The house where my family lived from 1949 until nearly 1960 was just two blocks from the Ohio State School for the Deaf. Of course, we called it the “deaf school.” The school in Columbus was–and still is–on land that had been a golf course before the state acquired it around 1950. A major cross-town street runs past the entrance to the school; the campus was—and still is—a cluster of one-story buildings sitting several hundred yards back from the street. Now, today, as an adult, I know it is only several hundred yards. When I was ten, it looked like the buildings were a mile or two away across a vast plain of the former golf course. That vast plain was our playground. There was no other in the neighborhood. We played football and baseball there. We were pirates, cowboys, adventurers in the heavy shrubbery that lined the school’s entrance driveway. I remember one attempt at civil engineering—building a “dam” across a tiny stream after a heavy spring rain.
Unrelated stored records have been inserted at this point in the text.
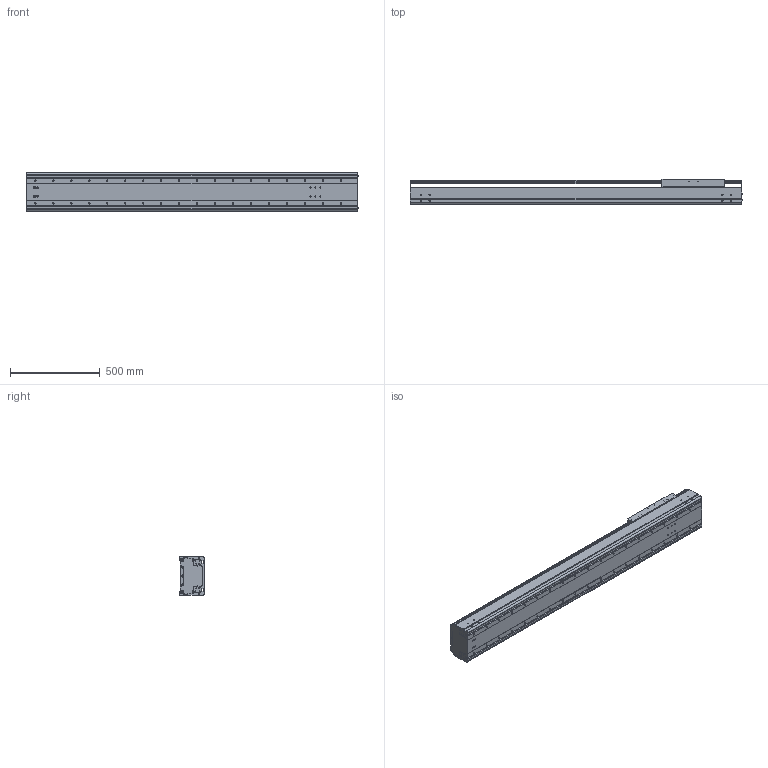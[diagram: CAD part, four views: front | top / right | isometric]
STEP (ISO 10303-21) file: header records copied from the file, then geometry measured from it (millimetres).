
FILE_DESCRIPTION((''),'2;1');
FILE_NAME('BE60G-ST-L_B-D5_IGS_PRT','2017-06-18T',(' '),(''),'PRO/ENGINEER BY PARAMETRIC TECHNOLOGY CORPORATION, 2015030','PRO/ENGINEER BY PARAMETRIC TECHNOLOGY CORPORATION, 2015030','');
FILE_SCHEMA(('CONFIG_CONTROL_DESIGN'));
Products named in the file (1): BE60G-ST-L_B-D5_IGS_PRT
Bounding box: 1847.4 x 140 x 214 mm (x, y, z)
Volume: 14895215.2 mm3; surface area: 3925041.8 mm2
Topology: 2 solids, 168 shells, 1722 faces, 4833 edges, 3175 vertices
Faces by surface type: cylinder 904, plane 638, cone 132, sphere 24, torus 24
Entity records: 57799 total; most frequent: CARTESIAN_POINT 13358, DIRECTION 9320, ORIENTED_EDGE 8746, EDGE_CURVE 4701, AXIS2_PLACEMENT_3D 3501, VERTEX_POINT 3173, VECTOR 2318, LINE 2318
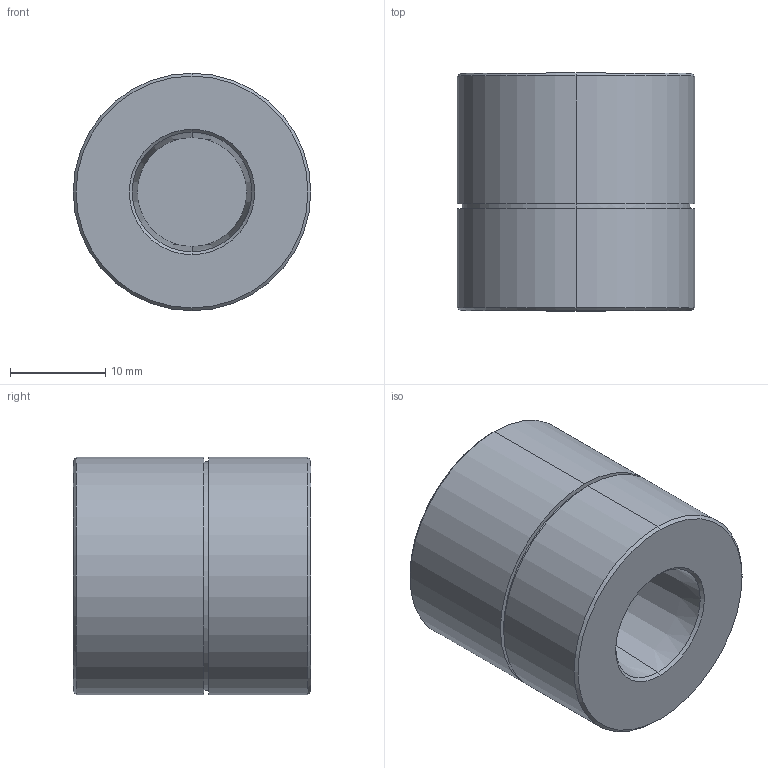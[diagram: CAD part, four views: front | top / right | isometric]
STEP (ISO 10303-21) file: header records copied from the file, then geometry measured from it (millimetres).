
FILE_DESCRIPTION (( 'STEP AP203' ), '1' );
FILE_NAME ('SW-PB-F10-T.STEP', '2022-04-15T06:55:49', ( '' ), ( '' ), 'SwSTEP 2.0', 'SolidWorks 2015', '' );
FILE_SCHEMA (( 'CONFIG_CONTROL_DESIGN' ));
Length unit declared in the file: millimetre
Products named in the file (2): SW-PB-F10-T
Bounding box: 25 x 25 x 25 mm (x, y, z)
Volume: 10988.3 mm3; surface area: 3382.6 mm2
Topology: 1 solids, 1 shells, 19 faces, 36 edges, 22 vertices
Faces by surface type: cone 8, cylinder 6, plane 5
Entity records: 699 total; most frequent: CARTESIAN_POINT 151, DIRECTION 92, ORIENTED_EDGE 72, AXIS2_PLACEMENT_3D 39, EDGE_CURVE 36, EDGE_LOOP 22, VERTEX_POINT 22, ADVANCED_FACE 19

But games ended when we saw people—students–walking out of the school toward us. On many afternoons, young people from the school would go in groups toward the street—to catch the bus or walk to the nearby shopping center. We knew we had to give them plenty of distance. That was because we knew there was something funny about them. They made odd movements with their hands. Some of them made unusual sounds to one another. And, we knew, they could run. We saw them and either hid in the shrubs or headed for home because we knew that, if we got too close and they spotted us, they would run after us, catch us, and do unspeakable things to us. We abandoned the field; we knew better than to hang around.
We just knew. We learned, seemingly, from the air. I can’t today recall any specific event that tells me how we learned. I do understand now the effects on us of that distance across the field and the messages about difference that distance and separation transmit. I can report that no one I knew was ever harmed, chased, or even approached by any student from the School for the Deaf. I suspect they were as apprehensive about us as we were about them, and I wonder sometimes what stories they might have held or told about my friends and me. What unspeakable acts were we believed ready to commit?
Separation (I never went to school with other kids who could not hear) and distance(that several hundred yards that looked like miles) turned out to be effective teachers. It took me a long time to get clear about what I “knew.” It took a long time not to be afraid.